## Task brief:
Go through the material and copy each line that includes "drawing".

## Input data:
────────────────

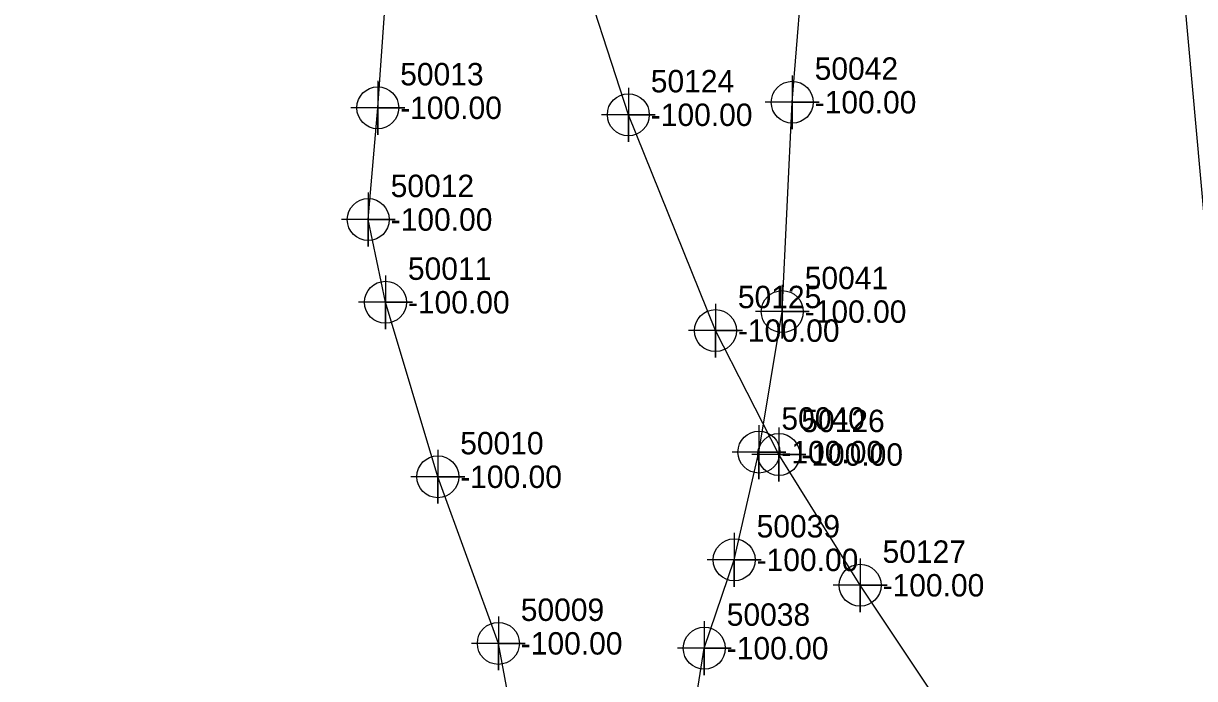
# Model space of a CAD drawing. Extents: x 2083698 to 2094313, y 743246 to 752873.
# Drawn here: x 2090977 to 2091107.5, y 749899.9 to 749973 of the extents above; entities that cross this region are included whole.
import ezdxf

# ---------------------------------------------------------------- set-up
doc = ezdxf.new("R2010")
doc.units = 0
for name, color, linetype in [('COGO Default Point Number', 7, 'Continuous'), ('Default Symbol CELL', 7, 'Continuous'), ('Default Symbol Cogo Number', 7, 'Continuous'), ('Exist Property Iron Pin Leader', 7, 'Continuous'), ('Exist Property Iron Pin Text', 7, 'Continuous'), ('Exist Property Line', 7, 'Continuous'), ('Exist Property Line Leader', 7, 'Continuous'), ('Exist Property Monument Text', 7, 'Continuous'), ('Exist Right of Way Line', 7, 'Continuous'), ('Exist Utilities Power UG Cable SUE LOS B', 7, 'Continuous'), ('Exist Utilities Power UG Cable SUE LOS C', 7, 'Continuous'), ('Exist Utilities TV UG Cable SUE LOS B', 7, 'Continuous'), ('Exist Utilities Water UG Line SUE LOS B', 7, 'Continuous')]:
    doc.layers.add(name, color=color, linetype=linetype)

msp = doc.modelspace()

# ---------------------------------------------------------------- linework, layer by layer
at = {"layer": 'COGO Default Point Number'}
for points in [[(2091044.38, 749965.76), (2091044.38, 749959.76), (2091044.38, 749962.76), (2091047.38, 749962.76), (2091041.38, 749962.76)], [(2091054.09, 749941.69), (2091054.09, 749935.69), (2091054.09, 749938.69), (2091057.09, 749938.69), (2091051.09, 749938.69)], [(2091061.16, 749927.87), (2091061.16, 749921.87), (2091061.16, 749924.87), (2091064.16, 749924.87), (2091058.16, 749924.87)], [(2091070.22, 749913.29), (2091070.22, 749907.29), (2091070.22, 749910.29), (2091073.22, 749910.29), (2091067.22, 749910.29)]]:
    msp.add_lwpolyline(points, dxfattribs=at)
for centre in [(2091044.38, 749962.76), (2091054.09, 749938.69), (2091061.16, 749924.87), (2091070.22, 749910.29)]:
    msp.add_circle(centre, 2.34, dxfattribs=at)
at = {"layer": 'Exist Property Iron Pin Text'}
for points in [[(2091016.45, 749966.54), (2091016.45, 749960.54), (2091016.45, 749963.54), (2091019.45, 749963.54), (2091013.45, 749963.54)], [(2091015.39, 749954.08), (2091015.39, 749948.08), (2091015.39, 749951.08), (2091018.39, 749951.08), (2091012.39, 749951.08)], [(2091017.31, 749944.85), (2091017.31, 749938.85), (2091017.31, 749941.85), (2091020.31, 749941.85), (2091014.31, 749941.85)], [(2091023.14, 749925.39), (2091023.14, 749919.39), (2091023.14, 749922.39), (2091026.14, 749922.39), (2091020.14, 749922.39)], [(2091029.89, 749906.81), (2091029.89, 749900.81), (2091029.89, 749903.81), (2091032.89, 749903.81), (2091026.89, 749903.81)]]:
    msp.add_lwpolyline(points, dxfattribs=at)
for centre in [(2091016.45, 749963.54), (2091015.39, 749951.08), (2091017.31, 749941.85), (2091023.14, 749922.39), (2091029.89, 749903.81)]:
    msp.add_circle(centre, 2.34, dxfattribs=at)
at = {"layer": 'Exist Property Line Leader'}
for points in [[(2091062.65, 749967.16), (2091062.65, 749961.16), (2091062.65, 749964.16), (2091065.65, 749964.16), (2091059.65, 749964.16)], [(2091061.54, 749943.81), (2091061.54, 749937.81), (2091061.54, 749940.81), (2091064.54, 749940.81), (2091058.54, 749940.81)], [(2091058.94, 749928.14), (2091058.94, 749922.14), (2091058.94, 749925.14), (2091061.94, 749925.14), (2091055.94, 749925.14)], [(2091056.18, 749916.12), (2091056.18, 749910.12), (2091056.18, 749913.12), (2091059.18, 749913.12), (2091053.18, 749913.12)], [(2091052.85, 749906.27), (2091052.85, 749900.27), (2091052.85, 749903.27), (2091055.85, 749903.27), (2091049.85, 749903.27)]]:
    msp.add_lwpolyline(points, dxfattribs=at)
for centre in [(2091062.65, 749964.16), (2091061.54, 749940.81), (2091058.94, 749925.14), (2091056.18, 749913.12), (2091052.85, 749903.27)]:
    msp.add_circle(centre, 2.34, dxfattribs=at)
at = {"layer": 'Exist Utilities Power UG Cable SUE LOS B'}
msp.add_lwpolyline([(2091031.73, 749894.02), (2091029.89, 749903.81), (2091023.14, 749922.39), (2091017.31, 749941.85), (2091015.39, 749951.08), (2091016.45, 749963.54), (2091017.85, 749983.03), (2091019, 749991.54), (2091025.29, 750018.88), (2091031.82, 750047.51), (2091037, 750068.33)], dxfattribs=at)
at = {"layer": 'Exist Utilities Power UG Cable SUE LOS C'}
msp.add_lwpolyline([(2091181.56, 749137.25), (2091102.57, 750018.32), (2091019.27, 750921.35), (2090968.35, 751478.78)], dxfattribs=at)
at = {"layer": 'Exist Utilities TV UG Cable SUE LOS B'}
msp.add_lwpolyline([(2091056.04, 749823.91), (2091050.45, 749829.11), (2091049.76, 749829.88), (2091050.72, 749849.32), (2091050.12, 749868.64), (2091049.05, 749879.27), (2091052.85, 749903.27), (2091056.18, 749913.12), (2091058.94, 749925.14), (2091061.54, 749940.81), (2091062.65, 749964.16), (2091064.58, 749987.99), (2091073.97, 750026.86), (2091083.34, 750064.17), (2091096.21, 750101.65), (2091110.09, 750137.04), (2091111.02, 750138.39), (2091114.18, 750141.15), (2091117.92, 750143.91), (2091124.2, 750146.07)], dxfattribs=at)
at = {"layer": 'Exist Utilities Water UG Line SUE LOS B'}
msp.add_lwpolyline([(2091080.76, 749894.46), (2091070.22, 749910.29), (2091061.16, 749924.87), (2091054.09, 749938.69), (2091044.38, 749962.76), (2091038.26, 749981.68), (2091038.08, 750001.58), (2091039.14, 750015.58), (2091040.91, 750046.39), (2091044.3, 750082.04), (2091047.29, 750103.42), (2091050.31, 750113.65), (2091067.52, 750142.1), (2091073.52, 750153.34), (2091084.4, 750173), (2091091.41, 750187.63), (2091099.83, 750208.35), (2091105.45, 750222.47)], dxfattribs=at)

# ---------------------------------------------------------------- texts
at = {"layer": 'Default Symbol CELL'}
for s, p in [('50042', (2091065.15, 749966.66)), ('50041', (2091064.04, 749943.31)), ('50040', (2091061.44, 749927.64)), ('50039', (2091058.68, 749915.62)), ('50038', (2091055.35, 749905.77))]:
    msp.add_text(s, height=2.5, dxfattribs=at).set_placement(p)
at = {"layer": 'Default Symbol Cogo Number'}
for p in [(2091065.15, 749962.91), (2091064.04, 749939.56), (2091061.44, 749923.89), (2091058.68, 749911.87), (2091055.35, 749902.02)]:
    msp.add_text('-100.00', height=2.5, dxfattribs=at).set_placement(p)
at = {"layer": 'Exist Property Iron Pin Leader'}
for s, p in [('50013', (2091018.95, 749966.04)), ('50012', (2091017.89, 749953.58)), ('50011', (2091019.81, 749944.35)), ('50010', (2091025.64, 749924.89)), ('50009', (2091032.39, 749906.31))]:
    msp.add_text(s, height=2.5, dxfattribs=at).set_placement(p)
at = {"layer": 'Exist Property Line'}
for p in [(2091046.88, 749961.51), (2091056.59, 749937.44), (2091063.66, 749923.62), (2091072.72, 749909.04)]:
    msp.add_text('-100.00', height=2.5, dxfattribs=at).set_placement(p)
at = {"layer": 'Exist Property Monument Text'}
for p in [(2091018.95, 749962.29), (2091017.89, 749949.83), (2091019.81, 749940.6), (2091025.64, 749921.14), (2091032.39, 749902.56)]:
    msp.add_text('-100.00', height=2.5, dxfattribs=at).set_placement(p)
at = {"layer": 'Exist Right of Way Line'}
for s, p in [('50124', (2091046.88, 749965.26)), ('50125', (2091056.59, 749941.19)), ('50126', (2091063.66, 749927.37)), ('50127', (2091072.72, 749912.79))]:
    msp.add_text(s, height=2.5, dxfattribs=at).set_placement(p)

doc.saveas('drawing.dxf')

────────────────

## Solution for this problem:
# Model space of a CAD drawing. Extents: x 2083698 to 2094313, y 743246 to 752873.
doc.saveas('drawing.dxf')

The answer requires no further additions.